Disentanglement by Nonlinear ICA with General Incompressible-flow Networks (GIN)

TL;DR

This paper extends nonlinear ICA theory to real-world data by handling unknown intrinsic dimensions and introduces GIN, a modified invertible neural network, demonstrating successful latent variable disentanglement in experiments.

Contribution

It generalizes nonlinear ICA to unknown dimensions and proposes GIN, a new neural network architecture for effective disentanglement in complex data.

Findings

Informative latent variables are automatically separated from noise.

Recovered latent variables correspond to true generative factors.

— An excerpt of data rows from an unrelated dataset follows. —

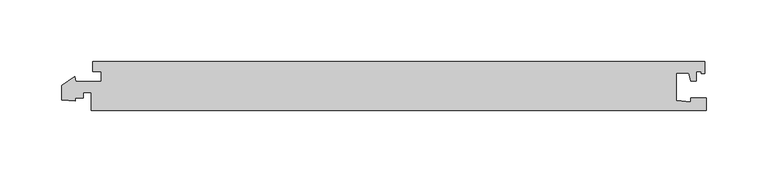
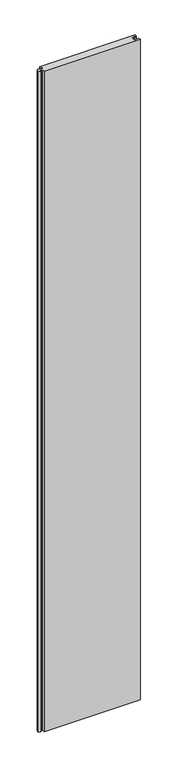
"""IFC4 building model written with IfcOpenShell, lengths in millimetres: proxy geometry, Generic Models 5:Generic Models 5:321804:Generic Models 5:321804 : Generic Models 5:Generic Models 5:321804:2 : Generic Models 5:Generic Models 5:321804:Generic Models 5:321804 : Generic Models 5:Generic Models 5:321804:300761."""

from ifc_helpers import new_model, si_unit, frame, origin, place, context, project, spatial, polyline, outline, extrude, source, transform, mapped, element, save


def generic_models_2f3a26a6(model_context):
    return source(origin(), model_context, "Body", "SweptSolid", [
        extrude(outline(polyline([(592220.2261126, -579052.1037319), (592209.8677824, -579052.1037319), (592209.8677824, -579074.5995222), (592221.8677824, -579075.6493861), (592221.8677824, -579072.4037319), (592234.6177824, -579072.4037319), (592234.6177824, -579082.6037319), (591734.6177824, -579082.6037319), (591734.6177824, -579068.1037319), (591727.9927824, -579068.1037319), (591727.9927824, -579072.4037319), (591721.3677824, -579072.4037319), (591721.3677824, -579075.1037319), (591710.3677824, -579074.1413566), (591710.3677824, -579062.2832156), (591721.0492843, -579055.1758504), (591722.101757, -579059.1037319), (591742.8177824, -579059.1037319), (591742.8177824, -579051.1037319), (591735.8677824, -579051.1037319), (591735.8677824, -579042.6037319), (592233.3677824, -579042.6037319), (592233.3677824, -579052.6037319), (592230.3677824, -579052.6037319), (592230.3677824, -579051.1037319), (592226.4177824, -579051.1037319), (592226.4177824, -579058.6037319), (592221.9677824, -579058.6037319), (592220.2261126, -579052.1037319)])), frame((0.0, 0.0, 30.0324973), z_axis=(0.0, 0.0, 1.0), x_axis=(1.0, 0.0, 0.0)), (0.0, 0.0, 1.0), 3634.8310765),
    ])


if __name__ == "__main__":
    model = new_model("IFC4")
    model_context = context("Model", 3, world=origin())
    ifc_project = project(units=[si_unit("LENGTHUNIT", "METRE", prefix="MILLI")], contexts=[model_context])
    site = spatial("IfcSite", under=ifc_project)
    building = spatial("IfcBuilding", under=site)
    placement = place(None, origin())
    generic_models_shape = generic_models_2f3a26a6(model_context)
    element("IfcBuildingElementProxy", 1, Name="Generic Models 5:Generic Models 5:321804:Generic Models 5:321804 : Generic Models 5:Generic Models 5:321804:2 : Generic Models 5:Generic Models 5:321804:Generic Models 5:321804 : Generic Models 5:Generic Models 5:321804:300761", ObjectType="Generic Models 5:Generic Models 5:321804:Generic Models 5:321804 : Generic Models 5:Generic Models 5:321804:2 : Generic Models 5:Generic Models 5:321804:Generic Models 5:321804 : Generic Models 5:Generic Models 5:321804:300761", at=placement, inside=building, context=model_context, shape_type="MappedRepresentation", body=[
        mapped(generic_models_shape, transform((0.0, 0.0, 0.0), x_axis=(1.0, 0.0, 0.0), y_axis=(0.0, 1.0, 0.0), z_axis=(0.0, 0.0, 1.0))),
    ])
    save(model, "model.ifc")

# Revit data of these elements
# Type "Generic Models 5:Generic Models 5:321804:Generic Models 5:321804 : Generic Models 5:Generic Models 5:321804:2 : Generic Models 5:Generic Models 5:321804:Generic Models 5:321804 : Generic Models 5:Generic Models 5:321804:300761"
#   NameOverride = "Generic Models 5:Generic Models 5:321804:Generic Models 5:321804 : Generic Models 5:Generic Models 5:321804:300761"
#   ObjectTypeOverride = "Generic Models 5:321804 : Generic Models 5:Generic Models 5:321804"
#   Reference = "Generic Models 5"
#   Tag = "300761"
# Element 1 (IfcBuildingElementProxy, "Generic Models 5:Generic Models 5:321804:Generic Models 5:321804 : Generic Models 5:Generic Models 5:321804:2 : Generic Models 5:Generic Models 5:321804:Generic Models 5:321804 : Generic Models 5:Generic Models 5:321804:300761")
#   Materials on its faces: "POLYCARBONATE PANEL - ARCOPLUS 547"
# Materials
#   "POLYCARBONATE PANEL - ARCOPLUS 547": class "Unassigned", colour RGB 202 225 249, transparency 0.45, Cost = 0
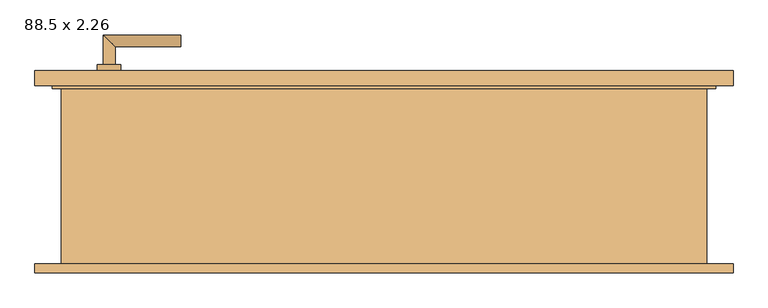
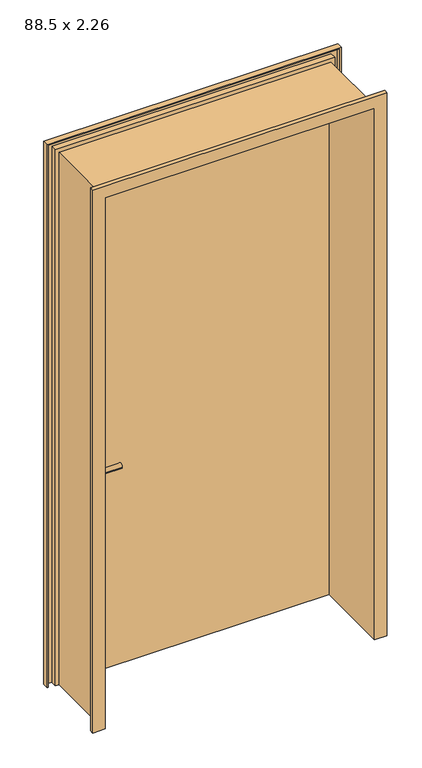
"""IFC4 building model written with IfcOpenShell, lengths in millimetres: door geometry, Drehflügel 1-flg - Stahlzarge : 88.5 x 2.26."""

import ifcopenshell
import ifcopenshell.guid

model = None  # the IFC model being written
_history = None  # IfcOwnerHistory: only IFC2X3 demands one
_inside = {}  # id of a spatial element -> (the spatial element, [elements in it])
_under = {}  # id of a project, library or spatial element -> (it, [spatial elements below it])
_declared = {}  # id of a project -> (the project, [libraries it declares])
_typed = {}  # id of a type object -> (the type object, [elements of that type])
_made_of = {}  # id of a material, layer set ... -> (it, [elements and type objects made of it])


def new_model(schema):
    """Start an empty IFC model of exactly this schema.

    Asked for "IFC4X3", IfcOpenShell would pick the latest addendum, in which some entities
    have other attributes; the version numbers below select the first issue.
    IFC2X3 requires an IfcOwnerHistory on every rooted entity: one is made here for all.
    """
    global model, _history
    if schema == "IFC4X3":
        model = ifcopenshell.file(schema_version=(4, 3, 0, 0))
    else:
        model = ifcopenshell.file(schema=schema)
    _inside.clear()
    _under.clear()
    _declared.clear()
    _typed.clear()
    _made_of.clear()
    _history = None
    if model.schema == "IFC2X3":
        org = make("IfcOrganization", Name="unknown")
        user = make(
            "IfcPersonAndOrganization",
            ThePerson=make("IfcPerson", FamilyName="unknown"),
            TheOrganization=org,
        )
        app = make(
            "IfcApplication",
            ApplicationDeveloper=org,
            Version="unknown",
            ApplicationFullName="unknown",
            ApplicationIdentifier="unknown",
        )
        _history = make(
            "IfcOwnerHistory",
            OwningUser=user,
            OwningApplication=app,
            ChangeAction="ADDED",
            CreationDate=0,
        )
    return model


def make(cls, **values):
    """One entity of the class cls with the attributes given. An attribute that is None is left unset."""
    return model.create_entity(
        cls, **{name: value for name, value in values.items() if value is not None}
    )


def rooted(cls, **values):
    """An entity with a GlobalId (a new one), such as an element, a storey or a relation."""
    return make(cls, GlobalId=ifcopenshell.guid.new(), OwnerHistory=_history, **values)


def si_unit(unit_type, name, prefix=None):
    """IfcSIUnit, for example si_unit("LENGTHUNIT", "METRE", prefix="MILLI")."""
    return make("IfcSIUnit", UnitType=unit_type, Prefix=prefix, Name=name)


def assignment(units):
    """IfcUnitAssignment: the units of a project."""
    return None if units is None else make("IfcUnitAssignment", Units=units)


def point(xyz):
    """IfcCartesianPoint."""
    return None if xyz is None else make("IfcCartesianPoint", Coordinates=xyz)


def direction(xyz):
    """IfcDirection."""
    return None if xyz is None else make("IfcDirection", DirectionRatios=xyz)


def frame(location, z_axis=None, x_axis=None):
    """IfcAxis2Placement3D, a coordinate frame: its origin and axes. An axis left out is left unset."""
    return make(
        "IfcAxis2Placement3D",
        Location=point(location),
        Axis=direction(z_axis),
        RefDirection=direction(x_axis),
    )


def frame_2d(location, x_axis=None):
    """IfcAxis2Placement2D, a coordinate frame in the plane: its origin and x axis."""
    return make(
        "IfcAxis2Placement2D", Location=point(location), RefDirection=direction(x_axis)
    )


def origin():
    """The frame at (0, 0, 0) with its axes left unset."""
    return frame((0.0, 0.0, 0.0))


def place(relative_to, where):
    """IfcLocalPlacement: puts the frame where relative to a parent placement (None: the world)."""
    return make(
        "IfcLocalPlacement", PlacementRelTo=relative_to, RelativePlacement=where
    )


def context(
    kind, dimensions, precision=None, world=None, true_north=None, identifier=None
):
    """IfcGeometricRepresentationContext, for example the 3D "Model" context."""
    return make(
        "IfcGeometricRepresentationContext",
        ContextIdentifier=identifier,
        ContextType=kind,
        CoordinateSpaceDimension=dimensions,
        Precision=precision,
        WorldCoordinateSystem=world,
        TrueNorth=true_north,
    )


def project(units=None, contexts=None):
    """IfcProject with its units and contexts."""
    return rooted(
        "IfcProject",
        Name="project",
        RepresentationContexts=contexts,
        UnitsInContext=assignment(units),
    )


def spatial(cls, under=None, at=None, **own):
    """A site, building, storey or space (cls), placed at a placement, below another one or the project."""
    s = rooted(cls, ObjectPlacement=at, **own)
    if under is not None:
        _under.setdefault(under.id(), (under, []))[1].append(s)
    return s


def polyline(points):
    """IfcPolyline through the points."""
    return make("IfcPolyline", Points=[point(p) for p in points])


def circle_curve(where, radius):
    """IfcCircle in the frame where."""
    return make("IfcCircle", Position=where, Radius=radius)


def ellipse_curve(where, semi_axis1, semi_axis2):
    """IfcEllipse in the frame where."""
    return make(
        "IfcEllipse", Position=where, SemiAxis1=semi_axis1, SemiAxis2=semi_axis2
    )


def trimmed(basis, trim1, trim2, sense, master):
    """IfcTrimmedCurve: the piece of a basis curve between two trims."""
    return make(
        "IfcTrimmedCurve",
        BasisCurve=basis,
        Trim1=trim1,
        Trim2=trim2,
        SenseAgreement=sense,
        MasterRepresentation=master,
    )


def segment(curve, same_sense, transition):
    """IfcCompositeCurveSegment."""
    return make(
        "IfcCompositeCurveSegment",
        Transition=transition,
        SameSense=same_sense,
        ParentCurve=curve,
    )


def composite_curve(segments, self_intersect=None):
    """IfcCompositeCurve: segments joined end to end."""
    return make("IfcCompositeCurve", Segments=segments, SelfIntersect=self_intersect)


def outline(outer, holes=None, kind="AREA"):
    """IfcArbitraryClosedProfileDef: a profile drawn as a closed curve; with holes, ...WithVoids."""
    if holes is None:
        return make("IfcArbitraryClosedProfileDef", ProfileType=kind, OuterCurve=outer)
    return make(
        "IfcArbitraryProfileDefWithVoids",
        ProfileType=kind,
        OuterCurve=outer,
        InnerCurves=holes,
    )


def extrude(swept, where, along, depth):
    """IfcExtrudedAreaSolid: the profile swept, set in the frame where, extruded along a direction by depth."""
    return make(
        "IfcExtrudedAreaSolid",
        SweptArea=swept,
        Position=where,
        ExtrudedDirection=direction(along),
        Depth=depth,
    )


def faces_of(points, faces, orient=None, outer=None):
    """IfcFace entities. A face is a list of loops; a loop is a list of indices into points, from 0.

    orient and outer hold one flag for each loop. By default every Orientation is true, the
    first loop of a face is its IfcFaceOuterBound and the others are IfcFaceBound.
    """
    made = []
    for i, loops in enumerate(faces):
        bounds = []
        for j, loop in enumerate(loops):
            is_outer = j == 0 if outer is None else outer[i][j]
            bounds.append(
                make(
                    "IfcFaceOuterBound" if is_outer else "IfcFaceBound",
                    Bound=make("IfcPolyLoop", Polygon=[points[k] for k in loop]),
                    Orientation=True if orient is None else orient[i][j],
                )
            )
        made.append(make("IfcFace", Bounds=bounds))
    return made


def faceted_brep(points, faces, orient=None, outer=None, voids=None):
    """IfcFacetedBrep: a solid bounded by flat faces; with voids (closed shells), ...WithVoids."""
    shared = [point(p) for p in points]
    hull = make("IfcClosedShell", CfsFaces=faces_of(shared, faces, orient, outer))
    if voids is None:
        return make("IfcFacetedBrep", Outer=hull)
    return make(
        "IfcFacetedBrepWithVoids",
        Outer=hull,
        Voids=[
            make(cls, CfsFaces=faces_of(shared, fs, o, b)) for cls, fs, o, b in voids
        ],
    )


def shape(context_of_items, identifier, shape_type, items):
    """IfcShapeRepresentation: the items that make up one representation, for example the "Body"."""
    return make(
        "IfcShapeRepresentation",
        ContextOfItems=context_of_items,
        RepresentationIdentifier=identifier,
        RepresentationType=shape_type,
        Items=items,
    )


def source(mapping_origin, context_of_items, identifier, shape_type, items):
    """IfcRepresentationMap: a shape defined once, which mapped items show again and again."""
    return make(
        "IfcRepresentationMap",
        MappingOrigin=mapping_origin,
        MappedRepresentation=shape(context_of_items, identifier, shape_type, items),
    )


def transform(
    local_origin,
    x_axis=None,
    y_axis=None,
    z_axis=None,
    scale=None,
    scale2=None,
    scale3=None,
    uniform=True,
):
    """IfcCartesianTransformationOperator3D, or its non-uniform kind. x_axis, y_axis, z_axis: its Axis1, 2, 3."""
    if uniform:
        return make(
            "IfcCartesianTransformationOperator3D",
            Axis1=direction(x_axis),
            Axis2=direction(y_axis),
            LocalOrigin=point(local_origin),
            Scale=scale,
            Axis3=direction(z_axis),
        )
    return make(
        "IfcCartesianTransformationOperator3DnonUniform",
        Axis1=direction(x_axis),
        Axis2=direction(y_axis),
        LocalOrigin=point(local_origin),
        Scale=scale,
        Axis3=direction(z_axis),
        Scale2=scale2,
        Scale3=scale3,
    )


def mapped(mapping_source, mapping_target):
    """IfcMappedItem: shows the shape of a source again, moved by a transform."""
    return make(
        "IfcMappedItem", MappingSource=mapping_source, MappingTarget=mapping_target
    )


def made_of(thing, what):
    """Note that an element or type object is made of a material, layer set ...; save() writes the relation."""
    if what is not None:
        _made_of.setdefault(what.id(), (what, []))[1].append(thing)
    return thing


def element(
    cls,
    number,
    at=None,
    inside=None,
    cuts=None,
    type_object=None,
    material=None,
    context=None,
    identifier="Body",
    shape_type=None,
    held_by="IfcProductDefinitionShape",
    body=None,
    shapes=None,
    **own,
):
    """One element of the class cls, such as IfcWall. Its Tag is "e" and its number.

    at: its placement. inside: the storey or other place that contains it. cuts: it is an
    opening in that element (IfcRelVoidsElement). A single representation is given by context,
    identifier, shape_type and body (its items); several are given by shapes. held_by: the class
    of the entity that holds the representations. save() writes the other relations.
    """
    e = rooted(cls, Tag="e%d" % number, ObjectPlacement=at, **own)
    if body is not None:
        shapes = [shape(context, identifier, shape_type, body)]
    if shapes is not None:
        e.Representation = make(held_by, Representations=shapes)
    if inside is not None:
        _inside.setdefault(inside.id(), (inside, []))[1].append(e)
    if cuts is not None:
        rooted(
            "IfcRelVoidsElement", RelatingBuildingElement=cuts, RelatedOpeningElement=e
        )
    if type_object is not None:
        _typed.setdefault(type_object.id(), (type_object, []))[1].append(e)
    return made_of(e, material)


def aggregate(whole, parts):
    """IfcRelAggregates: a whole, such as a stair, and the parts it consists of."""
    return rooted("IfcRelAggregates", RelatingObject=whole, RelatedObjects=parts)


def save(model, path):
    """Write the relations noted so far, then the file.

    IfcRelAggregates (storeys below a building ...), IfcRelContainedInSpatialStructure (elements
    in a storey), IfcRelDefinesByType, IfcRelAssociatesMaterial and IfcRelDeclares: one each for
    every whole, place, type object, material and project.
    """
    for whole, parts in _under.values():
        aggregate(whole, parts)
    for where, things in _inside.values():
        rooted(
            "IfcRelContainedInSpatialStructure",
            RelatedElements=things,
            RelatingStructure=where,
        )
    for kind, things in _typed.values():
        rooted("IfcRelDefinesByType", RelatedObjects=things, RelatingType=kind)
    for what, things in _made_of.values():
        rooted("IfcRelAssociatesMaterial", RelatedObjects=things, RelatingMaterial=what)
    for by, libraries in _declared.values():
        rooted("IfcRelDeclares", RelatingContext=by, RelatedDefinitions=libraries)
    model.write(path)


def plane_surface(at):
    """IfcPlane: the flat surface through the origin of the frame at, square to its z axis."""
    return make("IfcPlane", Position=at)


def cylinder_surface(at, radius):
    """IfcCylindricalSurface: all points at the distance radius from the z axis of the frame at."""
    return make("IfcCylindricalSurface", Position=at, Radius=radius)


def advanced_brep(points, edges, surfaces, faces):
    """IfcAdvancedBrep: a solid bounded by faces that lie on surfaces and meet in shared edges.

    An edge is (start, end): straight between two places in points (the first is 0);
    or (start, end, curve); or (start, end, curve, False) where it runs against its curve.
    A face is (place in surfaces, loops), or (place, loops, False) where it looks against
    its surface's normal. A loop lists edges by number (the first is 1), with a minus sign
    where the edge is run from its end to its start. The first loop is the outer one.
    """
    corners = [point(p) for p in points]
    vertices = [make("IfcVertexPoint", VertexGeometry=c) for c in corners]
    made = []
    for start, end, *more in edges:
        made.append(
            make(
                "IfcEdgeCurve",
                EdgeStart=vertices[start],
                EdgeEnd=vertices[end],
                EdgeGeometry=more[0] if more else make("IfcPolyline", Points=[corners[start], corners[end]]),
                SameSense=more[1] if len(more) > 1 else True,
            )
        )
    hull = []
    for where, loops, *sense in faces:
        bounds = []
        for j, loop in enumerate(loops):
            ring = [make("IfcOrientedEdge", EdgeElement=made[abs(k) - 1], Orientation=k > 0) for k in loop]
            bounds.append(
                make(
                    "IfcFaceOuterBound" if j == 0 else "IfcFaceBound",
                    Bound=make("IfcEdgeLoop", EdgeList=ring),
                    Orientation=True,
                )
            )
        hull.append(make("IfcAdvancedFace", Bounds=bounds, FaceSurface=surfaces[where], SameSense=sense[0] if sense else True))
    return make("IfcAdvancedBrep", Outer=make("IfcClosedShell", CfsFaces=hull))


def door_88_5_x_2_26_3ccb849c(model_context):
    return source(origin(), model_context, "Body", "SolidModel", [
        advanced_brep(
        [(-471.4, 139.4346141, 1000.0), (-451.4, 139.4346141, 1000.0), (-471.4, 69.4346141, 1000.0), (-451.4, 89.4346141, 1000.0), (-341.4, 69.4346141, 1000.0), (-341.4, 89.4346141, 1000.0)],
        [
            (0, 1, circle_curve(frame((-461.4, 139.4346141, 1000.0), z_axis=(0.0, 1.0, 0.0), x_axis=(1.0, 0.0, 0.0)), 10.0)),
            (1, 0, circle_curve(frame((-461.4, 139.4346141, 1000.0), z_axis=(0.0, 1.0, 0.0), x_axis=(1.0, 0.0, 0.0)), 10.0)),
            (0, 2),
            (2, 3, ellipse_curve(frame((-461.4, 79.4346141, 1000.0), z_axis=(-0.7071067811865385, 0.7071067811865565, 0.0), x_axis=(0.7071067811865563, 0.7071067811865386, 0.0)), 14.1421356, 10.0)),
            (3, 1),
            (3, 2, ellipse_curve(frame((-461.4, 79.4346141, 1000.0), z_axis=(-0.7071067811865385, 0.7071067811865565, 0.0), x_axis=(0.7071067811865563, 0.7071067811865386, 0.0)), 14.1421356, 10.0)),
            (4, 5, circle_curve(frame((-341.4, 79.4346141, 1000.0), z_axis=(1.0, 0.0, 0.0), x_axis=(0.0, 1.0, 0.0)), 10.0)),
            (5, 4, circle_curve(frame((-341.4, 79.4346141, 1000.0), z_axis=(1.0, 0.0, 0.0), x_axis=(0.0, 1.0, 0.0)), 10.0)),
            (2, 4),
            (5, 3),
        ],
        [
            plane_surface(frame((-461.4, 139.4346141, -287.7526403), z_axis=(0.0, 1.0, 0.0), x_axis=(0.0, 0.0, 1.0))),
            cylinder_surface(frame((-461.4, 139.4346141, 1000.0), z_axis=(0.0, 1.0, 0.0), x_axis=(1.0, 0.0, 0.0)), 10.0),
            plane_surface(frame((-341.4, 79.4346141, -287.7526403), z_axis=(1.0, 0.0, 0.0), x_axis=(0.0, 0.0, 1.0))),
            cylinder_surface(frame((-461.4, 79.4346141, 1000.0), z_axis=(-1.0, 0.0, 0.0), x_axis=(0.0, 1.0, 0.0)), 10.0),
        ],
        [
            (0, [[1, 2]]),
            (1, [[-1, 3, 4, 5]]),
            (1, [[-2, -5, 6, -3]]),
            (2, [[7, 8]]),
            (3, [[-4, 9, -8, 10]]),
            (3, [[-6, -10, -7, -9]]),
        ],
    ),
        advanced_brep(
        [(-451.4, 199.4346141, 1000.0), (-471.4, 199.4346141, 1000.0), (-451.4, 229.4346141, 1000.0), (-471.4, 249.4346141, 1000.0), (-341.4, 229.4346141, 1000.0), (-341.4, 249.4346141, 1000.0)],
        [
            (0, 1, circle_curve(frame((-461.4, 199.4346141, 1000.0), z_axis=(0.0, -1.0, 0.0), x_axis=(-1.0, 0.0, 0.0)), 10.0)),
            (1, 0, circle_curve(frame((-461.4, 199.4346141, 1000.0), z_axis=(0.0, -1.0, 0.0), x_axis=(-1.0, 0.0, 0.0)), 10.0)),
            (0, 2),
            (2, 3, ellipse_curve(frame((-461.4, 239.4346141, 1000.0), z_axis=(-0.7071067811865475, -0.7071067811865475, 0.0), x_axis=(0.7071067811865474, -0.7071067811865476, 0.0)), 14.1421356, 10.0)),
            (3, 1),
            (3, 2, ellipse_curve(frame((-461.4, 239.4346141, 1000.0), z_axis=(-0.7071067811865475, -0.7071067811865475, 0.0), x_axis=(0.7071067811865474, -0.7071067811865476, 0.0)), 14.1421356, 10.0)),
            (4, 5, circle_curve(frame((-341.4, 239.4346141, 1000.0), z_axis=(1.0, 0.0, 0.0), x_axis=(0.0, 1.0, 0.0)), 10.0)),
            (5, 4, circle_curve(frame((-341.4, 239.4346141, 1000.0), z_axis=(1.0, 0.0, 0.0), x_axis=(0.0, 1.0, 0.0)), 10.0)),
            (2, 4),
            (5, 3),
        ],
        [
            plane_surface(frame((-461.4, 199.4346141, -287.7526403), z_axis=(0.0, -1.0, 0.0), x_axis=(0.0, 0.0, 1.0))),
            cylinder_surface(frame((-461.4, 199.4346141, 1000.0), z_axis=(0.0, -1.0, 0.0), x_axis=(-1.0, 0.0, 0.0)), 10.0),
            plane_surface(frame((-341.4, 239.4346141, -287.7526403), z_axis=(1.0, 0.0, 0.0), x_axis=(0.0, 0.0, 1.0))),
            cylinder_surface(frame((-461.4, 239.4346141, 1000.0), z_axis=(-1.0, 0.0, 0.0), x_axis=(0.0, 1.0, 0.0)), 10.0),
        ],
        [
            (0, [[1, 2]]),
            (1, [[-1, 3, 4, 5]]),
            (1, [[-2, -5, 6, -3]]),
            (2, [[7, 8]]),
            (3, [[-4, 9, -8, 10]]),
            (3, [[-6, -10, -7, -9]]),
        ],
    ),
        extrude(outline(composite_curve([segment(trimmed(circle_curve(frame_2d((1000.0, -461.4)), 20.0), [point((1000.0, -481.4))], [point((1000.0, -441.4))], False, "CARTESIAN"), True, "CONTINUOUS"), segment(trimmed(circle_curve(frame_2d((1000.0, -461.4)), 20.0), [point((1000.0, -441.4))], [point((1000.0, -481.4))], False, "CARTESIAN"), True, "CONTINUOUS")], self_intersect=False)), frame((0.0, 129.4346141, 0.0), z_axis=(0.0, 1.0, 0.0), x_axis=(0.0, 0.0, 1.0)), (0.0, 0.0, 1.0), 10.0),
        extrude(outline(composite_curve([segment(trimmed(circle_curve(frame_2d((1000.0, -461.4)), 20.0), [point((1000.0, -481.4))], [point((1000.0, -441.4))], False, "CARTESIAN"), True, "CONTINUOUS"), segment(trimmed(circle_curve(frame_2d((1000.0, -461.4)), 20.0), [point((1000.0, -441.4))], [point((1000.0, -481.4))], False, "CARTESIAN"), True, "CONTINUOUS")], self_intersect=False)), frame((0.0, 189.4346141, 0.0), z_axis=(0.0, 1.0, 0.0), x_axis=(0.0, 0.0, 1.0)), (0.0, 0.0, 1.0), 10.0),
        extrude(outline(polyline([(551.4, 164.4346141), (-551.4, 164.4346141), (-551.4, 189.4346141), (551.4, 189.4346141), (551.4, 164.4346141)])), frame((0.0, 0.0, 100.0), z_axis=(0.0, 0.0, 1.0), x_axis=(1.0, 0.0, 0.0)), (0.0, 0.0, 1.0), 2250.0),
        faceted_brep([(585.8603207, -150.5653859, 100.0), (536.4, -150.5653859, 100.0), (536.4, 164.4346141, 100.0), (551.4, 164.4346141, 100.0), (551.4, 189.4346141, 100.0), (585.8603207, 189.4346141, 100.0), (585.8603207, 164.4346141, 100.0), (580.8603207, 164.4346141, 100.0), (580.8603207, 184.4346141, 100.0), (556.4, 184.4346141, 100.0), (556.4, 159.4346141, 100.0), (541.4, 159.4346141, 100.0), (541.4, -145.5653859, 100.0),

Experimental validation on artificial data and EMNIST confirms theoretical predictions.

Abstract

A central question of representation learning asks under which conditions it is possible to reconstruct the true latent variables of an arbitrarily complex generative process. Recent breakthrough work by Khemakhem et al. (2019) on nonlinear ICA has answered this question for a broad class of conditional generative processes. We extend this important result in a direction relevant for application to real-world data. First, we generalize the theory to the case of unknown intrinsic problem dimension and prove that in some special (but not very restrictive) cases, informative latent variables will be automatically separated from noise by an estimating model. Furthermore, the recovered informative latent variables will be in one-to-one correspondence with the true latent variables of the generating process, up to a trivial component-wise transformation. Second, we introduce a modification of the RealNVP invertible neural network architecture (Dinh et al. (2016)) which is particularly suitable for this type of problem: the General Incompressible-flow Network (GIN). Experiments on artificial data and EMNIST demonstrate that theoretical predictions are indeed verified in practice. In particular, we provide a detailed set of exactly 22 informative latent variables extracted from EMNIST.